Dataset records
>>
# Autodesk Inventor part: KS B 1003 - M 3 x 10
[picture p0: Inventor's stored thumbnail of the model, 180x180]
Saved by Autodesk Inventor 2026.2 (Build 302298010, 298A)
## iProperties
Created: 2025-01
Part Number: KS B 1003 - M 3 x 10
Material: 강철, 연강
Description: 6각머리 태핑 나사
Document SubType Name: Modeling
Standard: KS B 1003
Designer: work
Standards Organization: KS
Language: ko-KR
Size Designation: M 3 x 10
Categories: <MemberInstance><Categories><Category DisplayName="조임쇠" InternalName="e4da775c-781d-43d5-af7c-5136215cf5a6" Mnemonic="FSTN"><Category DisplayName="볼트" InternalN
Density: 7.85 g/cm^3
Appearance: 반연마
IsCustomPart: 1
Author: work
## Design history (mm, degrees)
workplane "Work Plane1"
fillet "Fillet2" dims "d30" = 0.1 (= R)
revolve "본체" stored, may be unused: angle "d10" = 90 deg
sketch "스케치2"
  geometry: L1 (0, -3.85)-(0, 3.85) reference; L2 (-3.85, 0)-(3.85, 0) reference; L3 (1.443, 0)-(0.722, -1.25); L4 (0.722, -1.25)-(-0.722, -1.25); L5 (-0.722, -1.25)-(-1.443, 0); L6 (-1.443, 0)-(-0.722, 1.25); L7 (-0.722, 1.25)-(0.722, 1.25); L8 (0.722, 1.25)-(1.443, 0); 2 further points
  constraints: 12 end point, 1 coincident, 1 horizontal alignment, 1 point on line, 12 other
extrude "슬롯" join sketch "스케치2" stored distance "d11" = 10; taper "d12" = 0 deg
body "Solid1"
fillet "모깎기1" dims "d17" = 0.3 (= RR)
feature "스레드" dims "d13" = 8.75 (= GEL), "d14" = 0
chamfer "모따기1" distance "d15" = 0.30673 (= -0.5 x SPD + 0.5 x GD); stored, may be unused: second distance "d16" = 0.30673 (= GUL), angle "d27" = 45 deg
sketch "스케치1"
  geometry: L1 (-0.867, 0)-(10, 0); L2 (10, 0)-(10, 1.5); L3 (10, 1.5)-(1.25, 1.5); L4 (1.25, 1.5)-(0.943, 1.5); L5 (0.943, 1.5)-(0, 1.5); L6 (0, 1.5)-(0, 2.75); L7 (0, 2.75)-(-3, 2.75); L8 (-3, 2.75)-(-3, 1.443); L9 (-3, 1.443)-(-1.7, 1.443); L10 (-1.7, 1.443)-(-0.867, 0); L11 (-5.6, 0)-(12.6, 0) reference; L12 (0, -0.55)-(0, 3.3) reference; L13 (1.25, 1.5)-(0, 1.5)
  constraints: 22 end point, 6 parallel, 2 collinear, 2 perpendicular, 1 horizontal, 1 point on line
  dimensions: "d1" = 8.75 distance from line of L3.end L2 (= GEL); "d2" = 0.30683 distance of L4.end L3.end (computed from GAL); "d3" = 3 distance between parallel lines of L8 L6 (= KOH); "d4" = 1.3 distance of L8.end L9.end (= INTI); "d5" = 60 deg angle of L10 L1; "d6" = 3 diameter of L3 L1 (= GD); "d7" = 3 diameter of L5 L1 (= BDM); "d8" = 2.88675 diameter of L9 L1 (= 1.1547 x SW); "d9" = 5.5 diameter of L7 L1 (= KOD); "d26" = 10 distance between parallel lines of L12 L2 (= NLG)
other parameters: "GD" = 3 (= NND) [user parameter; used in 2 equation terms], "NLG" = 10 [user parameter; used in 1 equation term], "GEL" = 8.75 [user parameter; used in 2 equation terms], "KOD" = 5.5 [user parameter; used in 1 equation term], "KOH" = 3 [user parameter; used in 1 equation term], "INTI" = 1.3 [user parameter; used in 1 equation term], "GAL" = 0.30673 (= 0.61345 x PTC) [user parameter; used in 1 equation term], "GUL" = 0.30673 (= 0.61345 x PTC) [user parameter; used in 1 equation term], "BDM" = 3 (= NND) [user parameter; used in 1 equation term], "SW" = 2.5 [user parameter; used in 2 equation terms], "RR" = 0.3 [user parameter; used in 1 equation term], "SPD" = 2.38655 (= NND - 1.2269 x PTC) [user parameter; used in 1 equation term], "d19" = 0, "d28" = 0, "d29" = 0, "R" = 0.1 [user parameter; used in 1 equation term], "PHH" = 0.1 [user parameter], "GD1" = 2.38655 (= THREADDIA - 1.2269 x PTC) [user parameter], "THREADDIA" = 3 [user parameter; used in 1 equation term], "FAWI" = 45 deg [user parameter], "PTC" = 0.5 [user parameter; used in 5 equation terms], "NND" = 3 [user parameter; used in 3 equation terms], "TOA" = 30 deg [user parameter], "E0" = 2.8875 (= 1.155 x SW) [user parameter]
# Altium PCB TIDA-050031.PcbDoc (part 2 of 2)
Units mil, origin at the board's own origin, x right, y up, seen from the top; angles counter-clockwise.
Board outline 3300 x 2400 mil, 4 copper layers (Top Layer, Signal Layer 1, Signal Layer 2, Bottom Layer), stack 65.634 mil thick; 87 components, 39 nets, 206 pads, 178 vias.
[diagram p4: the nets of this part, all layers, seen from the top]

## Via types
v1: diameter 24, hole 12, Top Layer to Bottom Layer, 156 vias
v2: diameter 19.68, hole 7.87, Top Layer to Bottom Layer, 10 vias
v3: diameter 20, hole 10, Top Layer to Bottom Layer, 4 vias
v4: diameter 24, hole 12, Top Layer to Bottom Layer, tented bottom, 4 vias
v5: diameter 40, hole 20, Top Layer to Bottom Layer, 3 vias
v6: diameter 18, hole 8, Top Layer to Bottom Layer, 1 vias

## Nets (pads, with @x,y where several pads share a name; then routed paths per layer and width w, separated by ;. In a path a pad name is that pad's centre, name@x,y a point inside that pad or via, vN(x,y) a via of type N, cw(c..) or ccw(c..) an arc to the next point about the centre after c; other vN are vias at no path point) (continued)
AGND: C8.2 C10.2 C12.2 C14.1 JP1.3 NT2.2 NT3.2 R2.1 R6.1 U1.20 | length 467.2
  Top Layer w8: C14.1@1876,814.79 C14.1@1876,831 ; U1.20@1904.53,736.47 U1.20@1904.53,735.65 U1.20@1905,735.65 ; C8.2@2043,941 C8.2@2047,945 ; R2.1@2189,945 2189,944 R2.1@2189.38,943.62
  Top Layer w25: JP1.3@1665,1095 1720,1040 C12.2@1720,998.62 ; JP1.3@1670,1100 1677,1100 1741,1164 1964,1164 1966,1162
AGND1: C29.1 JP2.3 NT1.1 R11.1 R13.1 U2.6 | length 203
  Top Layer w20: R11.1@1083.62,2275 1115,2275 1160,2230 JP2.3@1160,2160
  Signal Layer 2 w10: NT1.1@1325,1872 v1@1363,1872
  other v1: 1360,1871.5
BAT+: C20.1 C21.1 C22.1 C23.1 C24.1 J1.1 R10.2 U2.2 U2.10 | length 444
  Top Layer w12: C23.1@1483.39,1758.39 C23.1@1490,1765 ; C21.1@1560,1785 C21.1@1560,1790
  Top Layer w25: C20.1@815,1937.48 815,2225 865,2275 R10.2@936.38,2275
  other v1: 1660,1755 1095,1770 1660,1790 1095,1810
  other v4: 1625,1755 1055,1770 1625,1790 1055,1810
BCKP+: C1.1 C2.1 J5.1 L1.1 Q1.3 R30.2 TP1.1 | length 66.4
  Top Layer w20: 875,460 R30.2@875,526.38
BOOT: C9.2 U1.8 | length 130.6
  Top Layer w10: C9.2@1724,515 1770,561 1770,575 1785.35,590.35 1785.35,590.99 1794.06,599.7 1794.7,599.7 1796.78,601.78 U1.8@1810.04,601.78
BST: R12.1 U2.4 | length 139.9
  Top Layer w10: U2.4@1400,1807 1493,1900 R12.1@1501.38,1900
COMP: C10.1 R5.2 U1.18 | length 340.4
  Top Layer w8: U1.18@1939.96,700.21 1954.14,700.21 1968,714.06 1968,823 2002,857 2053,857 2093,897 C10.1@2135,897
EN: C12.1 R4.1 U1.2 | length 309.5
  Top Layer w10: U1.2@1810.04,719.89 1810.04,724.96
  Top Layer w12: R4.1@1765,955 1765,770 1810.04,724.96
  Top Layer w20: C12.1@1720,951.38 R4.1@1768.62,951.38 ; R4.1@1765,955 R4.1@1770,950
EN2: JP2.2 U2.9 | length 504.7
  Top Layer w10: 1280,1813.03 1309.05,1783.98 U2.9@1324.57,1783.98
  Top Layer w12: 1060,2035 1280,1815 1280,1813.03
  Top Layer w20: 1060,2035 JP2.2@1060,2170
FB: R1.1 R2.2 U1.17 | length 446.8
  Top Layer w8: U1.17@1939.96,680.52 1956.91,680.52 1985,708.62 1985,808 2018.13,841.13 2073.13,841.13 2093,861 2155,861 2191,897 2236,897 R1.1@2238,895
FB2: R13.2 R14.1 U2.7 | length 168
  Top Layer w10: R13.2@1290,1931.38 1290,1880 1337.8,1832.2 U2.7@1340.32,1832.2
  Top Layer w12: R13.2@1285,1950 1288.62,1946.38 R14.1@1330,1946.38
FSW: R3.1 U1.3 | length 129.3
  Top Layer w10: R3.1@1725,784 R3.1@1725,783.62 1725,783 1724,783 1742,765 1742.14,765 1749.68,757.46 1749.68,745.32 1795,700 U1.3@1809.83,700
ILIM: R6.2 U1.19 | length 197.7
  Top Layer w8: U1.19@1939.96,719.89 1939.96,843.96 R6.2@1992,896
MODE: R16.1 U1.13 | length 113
<<
Looking at the data above, return every line from the one with "constraints: 22 end" down to the one with "Board outline 3300", exactly and inclusively.

* _RESPONSE_:
  constraints: 22 end point, 6 parallel, 2 collinear, 2 perpendicular, 1 horizontal, 1 point on line
  dimensions: "d1" = 8.75 distance from line of L3.end L2 (= GEL); "d2" = 0.30683 distance of L4.end L3.end (computed from GAL); "d3" = 3 distance between parallel lines of L8 L6 (= KOH); "d4" = 1.3 distance of L8.end L9.end (= INTI); "d5" = 60 deg angle of L10 L1; "d6" = 3 diameter of L3 L1 (= GD); "d7" = 3 diameter of L5 L1 (= BDM); "d8" = 2.88675 diameter of L9 L1 (= 1.1547 x SW); "d9" = 5.5 diameter of L7 L1 (= KOD); "d26" = 10 distance between parallel lines of L12 L2 (= NLG)
other parameters: "GD" = 3 (= NND) [user parameter; used in 2 equation terms], "NLG" = 10 [user parameter; used in 1 equation term], "GEL" = 8.75 [user parameter; used in 2 equation terms], "KOD" = 5.5 [user parameter; used in 1 equation term], "KOH" = 3 [user parameter; used in 1 equation term], "INTI" = 1.3 [user parameter; used in 1 equation term], "GAL" = 0.30673 (= 0.61345 x PTC) [user parameter; used in 1 equation term], "GUL" = 0.30673 (= 0.61345 x PTC) [user parameter; used in 1 equation term], "BDM" = 3 (= NND) [user parameter; used in 1 equation term], "SW" = 2.5 [user parameter; used in 2 equation terms], "RR" = 0.3 [user parameter; used in 1 equation term], "SPD" = 2.38655 (= NND - 1.2269 x PTC) [user parameter; used in 1 equation term], "d19" = 0, "d28" = 0, "d29" = 0, "R" = 0.1 [user parameter; used in 1 equation term], "PHH" = 0.1 [user parameter], "GD1" = 2.38655 (= THREADDIA - 1.2269 x PTC) [user parameter], "THREADDIA" = 3 [user parameter; used in 1 equation term], "FAWI" = 45 deg [user parameter], "PTC" = 0.5 [user parameter; used in 5 equation terms], "NND" = 3 [user parameter; used in 3 equation terms], "TOA" = 30 deg [user parameter], "E0" = 2.8875 (= 1.155 x SW) [user parameter]
# Altium PCB TIDA-050031.PcbDoc (part 2 of 2)
Units mil, origin at the board's own origin, x right, y up, seen from the top; angles counter-clockwise.
Board outline 3300 x 2400 mil, 4 copper layers (Top Layer, Signal Layer 1, Signal Layer 2, Bottom Layer), stack 65.634 mil thick; 87 components, 39 nets, 206 pads, 178 vias.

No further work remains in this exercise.